Work order –
Leaving out all pictures, reproduce the entries below exactly, from the first line through the line that contains "#362 = LINE ( 'NONE', #2624, #1243 ) ;".

[Data records]
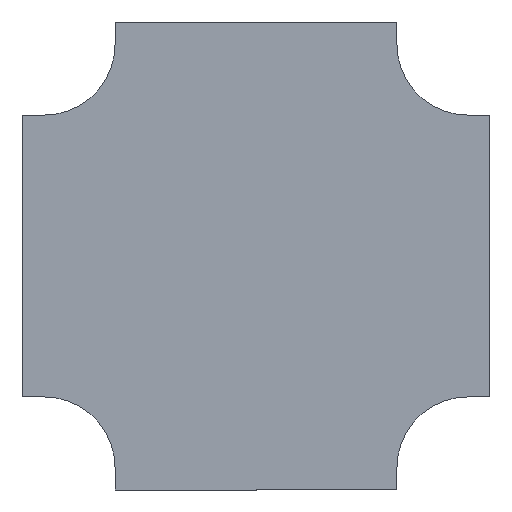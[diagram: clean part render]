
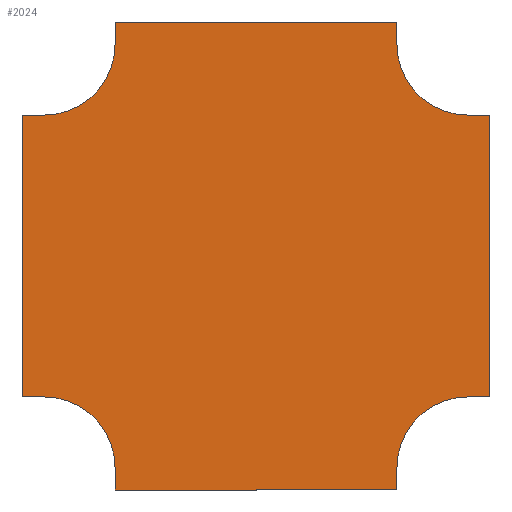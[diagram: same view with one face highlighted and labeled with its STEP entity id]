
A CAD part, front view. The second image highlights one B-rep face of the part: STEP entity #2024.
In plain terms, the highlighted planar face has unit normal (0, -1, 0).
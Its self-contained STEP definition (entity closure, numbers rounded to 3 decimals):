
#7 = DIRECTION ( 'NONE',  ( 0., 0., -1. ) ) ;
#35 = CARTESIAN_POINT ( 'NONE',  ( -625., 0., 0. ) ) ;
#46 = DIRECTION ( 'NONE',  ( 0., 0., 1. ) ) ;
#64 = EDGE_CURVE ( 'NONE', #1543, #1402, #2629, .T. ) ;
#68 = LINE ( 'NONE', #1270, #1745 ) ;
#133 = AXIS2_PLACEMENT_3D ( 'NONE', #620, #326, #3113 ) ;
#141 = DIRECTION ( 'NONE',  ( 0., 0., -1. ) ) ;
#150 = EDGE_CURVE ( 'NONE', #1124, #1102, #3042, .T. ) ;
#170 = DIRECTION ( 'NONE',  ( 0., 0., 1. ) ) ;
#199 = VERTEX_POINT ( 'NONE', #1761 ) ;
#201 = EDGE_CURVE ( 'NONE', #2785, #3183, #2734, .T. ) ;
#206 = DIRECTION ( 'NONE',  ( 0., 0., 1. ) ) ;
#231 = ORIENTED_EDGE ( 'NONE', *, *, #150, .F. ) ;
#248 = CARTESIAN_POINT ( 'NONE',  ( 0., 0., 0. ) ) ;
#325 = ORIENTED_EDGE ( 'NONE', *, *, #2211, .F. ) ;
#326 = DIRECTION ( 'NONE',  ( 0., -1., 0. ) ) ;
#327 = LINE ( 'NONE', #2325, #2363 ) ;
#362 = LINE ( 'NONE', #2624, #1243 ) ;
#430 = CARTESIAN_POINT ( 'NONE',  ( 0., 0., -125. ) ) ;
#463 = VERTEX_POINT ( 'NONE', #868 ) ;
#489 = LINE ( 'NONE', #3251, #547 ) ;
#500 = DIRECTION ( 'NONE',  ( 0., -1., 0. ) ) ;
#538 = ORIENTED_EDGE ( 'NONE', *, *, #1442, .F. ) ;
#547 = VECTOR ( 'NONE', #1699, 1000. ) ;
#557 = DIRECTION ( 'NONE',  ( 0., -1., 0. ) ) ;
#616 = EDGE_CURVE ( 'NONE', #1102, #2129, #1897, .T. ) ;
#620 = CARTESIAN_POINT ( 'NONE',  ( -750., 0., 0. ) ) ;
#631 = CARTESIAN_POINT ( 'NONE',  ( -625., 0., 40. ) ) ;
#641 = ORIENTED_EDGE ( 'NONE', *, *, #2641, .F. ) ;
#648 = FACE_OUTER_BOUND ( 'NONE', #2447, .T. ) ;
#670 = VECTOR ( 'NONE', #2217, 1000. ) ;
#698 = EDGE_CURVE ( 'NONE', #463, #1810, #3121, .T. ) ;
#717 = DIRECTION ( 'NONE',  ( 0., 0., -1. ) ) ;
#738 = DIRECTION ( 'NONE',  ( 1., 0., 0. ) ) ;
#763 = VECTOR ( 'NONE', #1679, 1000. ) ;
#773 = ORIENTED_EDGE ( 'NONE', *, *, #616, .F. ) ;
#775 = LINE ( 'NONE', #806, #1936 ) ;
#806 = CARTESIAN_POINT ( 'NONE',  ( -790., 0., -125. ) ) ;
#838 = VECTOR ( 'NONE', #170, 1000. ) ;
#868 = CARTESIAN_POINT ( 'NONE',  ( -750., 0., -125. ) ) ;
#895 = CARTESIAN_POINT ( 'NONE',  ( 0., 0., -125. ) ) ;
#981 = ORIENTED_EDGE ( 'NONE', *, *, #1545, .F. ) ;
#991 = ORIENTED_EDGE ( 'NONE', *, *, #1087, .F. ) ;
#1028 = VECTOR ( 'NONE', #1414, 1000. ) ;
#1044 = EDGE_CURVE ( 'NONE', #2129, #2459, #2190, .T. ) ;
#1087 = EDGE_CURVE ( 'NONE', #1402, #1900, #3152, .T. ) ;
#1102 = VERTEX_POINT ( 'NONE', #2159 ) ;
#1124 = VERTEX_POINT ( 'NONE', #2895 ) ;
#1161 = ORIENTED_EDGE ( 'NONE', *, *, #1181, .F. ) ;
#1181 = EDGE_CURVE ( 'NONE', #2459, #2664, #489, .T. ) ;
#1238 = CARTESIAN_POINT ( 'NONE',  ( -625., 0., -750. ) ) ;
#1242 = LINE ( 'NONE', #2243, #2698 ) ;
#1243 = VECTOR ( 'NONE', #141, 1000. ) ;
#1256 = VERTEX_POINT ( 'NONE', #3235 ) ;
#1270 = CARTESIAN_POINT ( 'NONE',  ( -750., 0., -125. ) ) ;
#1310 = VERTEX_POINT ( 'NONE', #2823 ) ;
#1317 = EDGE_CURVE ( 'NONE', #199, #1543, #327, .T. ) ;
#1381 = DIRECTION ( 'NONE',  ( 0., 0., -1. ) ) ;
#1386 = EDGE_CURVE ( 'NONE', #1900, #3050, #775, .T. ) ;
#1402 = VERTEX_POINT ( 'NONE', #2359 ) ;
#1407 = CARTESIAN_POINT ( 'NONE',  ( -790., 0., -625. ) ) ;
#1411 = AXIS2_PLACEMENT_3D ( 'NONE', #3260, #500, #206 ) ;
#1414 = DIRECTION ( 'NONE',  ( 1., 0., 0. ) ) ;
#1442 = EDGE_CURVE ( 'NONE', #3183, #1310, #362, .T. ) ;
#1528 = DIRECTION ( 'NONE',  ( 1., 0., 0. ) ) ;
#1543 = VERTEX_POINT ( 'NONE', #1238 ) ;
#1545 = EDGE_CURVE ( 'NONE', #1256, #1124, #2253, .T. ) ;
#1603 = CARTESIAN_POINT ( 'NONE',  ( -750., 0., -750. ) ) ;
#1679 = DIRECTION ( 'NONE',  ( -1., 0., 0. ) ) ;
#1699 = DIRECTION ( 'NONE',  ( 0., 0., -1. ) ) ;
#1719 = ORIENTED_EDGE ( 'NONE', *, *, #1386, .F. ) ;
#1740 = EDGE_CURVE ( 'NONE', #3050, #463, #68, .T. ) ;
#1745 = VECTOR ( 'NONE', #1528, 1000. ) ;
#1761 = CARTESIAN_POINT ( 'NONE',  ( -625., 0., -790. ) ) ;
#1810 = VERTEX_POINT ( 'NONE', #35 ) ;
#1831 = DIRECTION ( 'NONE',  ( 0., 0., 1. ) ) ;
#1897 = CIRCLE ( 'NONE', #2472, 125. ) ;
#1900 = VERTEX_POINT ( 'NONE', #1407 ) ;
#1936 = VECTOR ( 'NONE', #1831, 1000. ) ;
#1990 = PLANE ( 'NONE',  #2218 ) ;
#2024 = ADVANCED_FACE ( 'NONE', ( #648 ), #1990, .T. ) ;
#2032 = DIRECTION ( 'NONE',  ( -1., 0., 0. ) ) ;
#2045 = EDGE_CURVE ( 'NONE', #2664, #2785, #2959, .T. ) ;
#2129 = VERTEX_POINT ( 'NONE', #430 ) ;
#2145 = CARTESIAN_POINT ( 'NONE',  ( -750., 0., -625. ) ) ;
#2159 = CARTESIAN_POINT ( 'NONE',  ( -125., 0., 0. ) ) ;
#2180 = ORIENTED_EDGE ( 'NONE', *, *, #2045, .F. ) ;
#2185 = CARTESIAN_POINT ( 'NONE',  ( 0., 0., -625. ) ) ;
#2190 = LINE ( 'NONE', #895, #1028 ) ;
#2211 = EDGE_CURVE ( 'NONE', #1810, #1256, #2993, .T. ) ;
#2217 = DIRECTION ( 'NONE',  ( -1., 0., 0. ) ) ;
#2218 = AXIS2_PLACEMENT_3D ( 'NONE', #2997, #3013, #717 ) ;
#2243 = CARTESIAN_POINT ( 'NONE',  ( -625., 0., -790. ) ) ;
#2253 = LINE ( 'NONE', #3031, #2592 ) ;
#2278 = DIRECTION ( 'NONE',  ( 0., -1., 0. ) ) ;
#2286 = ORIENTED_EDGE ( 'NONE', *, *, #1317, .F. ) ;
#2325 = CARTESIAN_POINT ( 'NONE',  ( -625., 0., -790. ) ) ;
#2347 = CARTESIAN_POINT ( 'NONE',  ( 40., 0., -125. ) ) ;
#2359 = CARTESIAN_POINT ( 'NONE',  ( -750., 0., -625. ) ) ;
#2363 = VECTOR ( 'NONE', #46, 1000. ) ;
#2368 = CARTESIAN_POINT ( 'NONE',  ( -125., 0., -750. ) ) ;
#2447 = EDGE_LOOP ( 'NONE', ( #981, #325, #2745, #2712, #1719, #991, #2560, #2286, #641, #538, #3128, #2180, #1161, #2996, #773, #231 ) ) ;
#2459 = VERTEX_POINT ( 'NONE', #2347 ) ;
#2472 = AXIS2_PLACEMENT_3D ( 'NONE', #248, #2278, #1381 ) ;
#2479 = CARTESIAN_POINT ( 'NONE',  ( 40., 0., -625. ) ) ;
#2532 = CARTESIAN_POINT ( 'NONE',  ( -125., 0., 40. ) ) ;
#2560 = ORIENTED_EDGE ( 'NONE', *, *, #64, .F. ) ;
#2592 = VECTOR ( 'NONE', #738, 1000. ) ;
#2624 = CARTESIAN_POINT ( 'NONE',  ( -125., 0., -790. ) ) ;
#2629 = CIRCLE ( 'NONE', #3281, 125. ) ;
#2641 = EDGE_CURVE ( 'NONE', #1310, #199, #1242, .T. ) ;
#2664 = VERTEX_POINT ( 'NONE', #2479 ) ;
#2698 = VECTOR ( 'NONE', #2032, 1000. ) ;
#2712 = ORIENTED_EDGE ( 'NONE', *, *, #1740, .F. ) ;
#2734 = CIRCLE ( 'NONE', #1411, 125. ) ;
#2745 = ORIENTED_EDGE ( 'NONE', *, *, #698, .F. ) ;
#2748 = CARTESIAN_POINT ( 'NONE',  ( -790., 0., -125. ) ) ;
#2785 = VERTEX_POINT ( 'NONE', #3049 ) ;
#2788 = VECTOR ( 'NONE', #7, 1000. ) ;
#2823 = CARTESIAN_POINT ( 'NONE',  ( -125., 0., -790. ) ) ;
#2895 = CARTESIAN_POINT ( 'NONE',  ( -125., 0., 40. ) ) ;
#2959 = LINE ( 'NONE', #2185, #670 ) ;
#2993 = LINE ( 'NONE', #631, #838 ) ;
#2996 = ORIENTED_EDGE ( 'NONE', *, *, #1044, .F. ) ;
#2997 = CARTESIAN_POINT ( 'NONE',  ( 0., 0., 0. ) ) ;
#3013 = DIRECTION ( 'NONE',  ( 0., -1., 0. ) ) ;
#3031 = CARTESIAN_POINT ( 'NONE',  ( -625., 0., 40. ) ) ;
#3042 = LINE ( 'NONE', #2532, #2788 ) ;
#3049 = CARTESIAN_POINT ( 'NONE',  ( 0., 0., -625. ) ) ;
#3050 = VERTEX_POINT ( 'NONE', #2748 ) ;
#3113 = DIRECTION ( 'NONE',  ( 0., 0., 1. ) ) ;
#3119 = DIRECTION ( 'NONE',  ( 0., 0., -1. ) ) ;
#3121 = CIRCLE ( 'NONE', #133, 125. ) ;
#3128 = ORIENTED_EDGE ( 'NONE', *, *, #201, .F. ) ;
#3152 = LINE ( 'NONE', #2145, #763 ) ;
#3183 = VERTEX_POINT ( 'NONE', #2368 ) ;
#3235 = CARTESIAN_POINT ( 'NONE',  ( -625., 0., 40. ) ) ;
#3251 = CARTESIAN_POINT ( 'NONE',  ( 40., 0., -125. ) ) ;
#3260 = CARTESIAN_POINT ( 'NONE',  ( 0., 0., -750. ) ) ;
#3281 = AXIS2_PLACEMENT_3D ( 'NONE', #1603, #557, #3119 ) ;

Reply –
[diagram: clean part render]
[diagram: same view with one face highlighted and labeled with its STEP entity id]
A CAD part, front view. The second image highlights one B-rep face of the part: STEP entity #2024.
In plain terms, the highlighted planar face has unit normal (0, -1, 0).
Its self-contained STEP definition (entity closure, numbers rounded to 3 decimals):
#7 = DIRECTION ( 'NONE',  ( 0., 0., -1. ) ) ;
#35 = CARTESIAN_POINT ( 'NONE',  ( -625., 0., 0. ) ) ;
#46 = DIRECTION ( 'NONE',  ( 0., 0., 1. ) ) ;
#64 = EDGE_CURVE ( 'NONE', #1543, #1402, #2629, .T. ) ;
#68 = LINE ( 'NONE', #1270, #1745 ) ;
#133 = AXIS2_PLACEMENT_3D ( 'NONE', #620, #326, #3113 ) ;
#141 = DIRECTION ( 'NONE',  ( 0., 0., -1. ) ) ;
#150 = EDGE_CURVE ( 'NONE', #1124, #1102, #3042, .T. ) ;
#170 = DIRECTION ( 'NONE',  ( 0., 0., 1. ) ) ;
#199 = VERTEX_POINT ( 'NONE', #1761 ) ;
#201 = EDGE_CURVE ( 'NONE', #2785, #3183, #2734, .T. ) ;
#206 = DIRECTION ( 'NONE',  ( 0., 0., 1. ) ) ;
#231 = ORIENTED_EDGE ( 'NONE', *, *, #150, .F. ) ;
#248 = CARTESIAN_POINT ( 'NONE',  ( 0., 0., 0. ) ) ;
#325 = ORIENTED_EDGE ( 'NONE', *, *, #2211, .F. ) ;
#326 = DIRECTION ( 'NONE',  ( 0., -1., 0. ) ) ;
#327 = LINE ( 'NONE', #2325, #2363 ) ;
#362 = LINE ( 'NONE', #2624, #1243 ) ;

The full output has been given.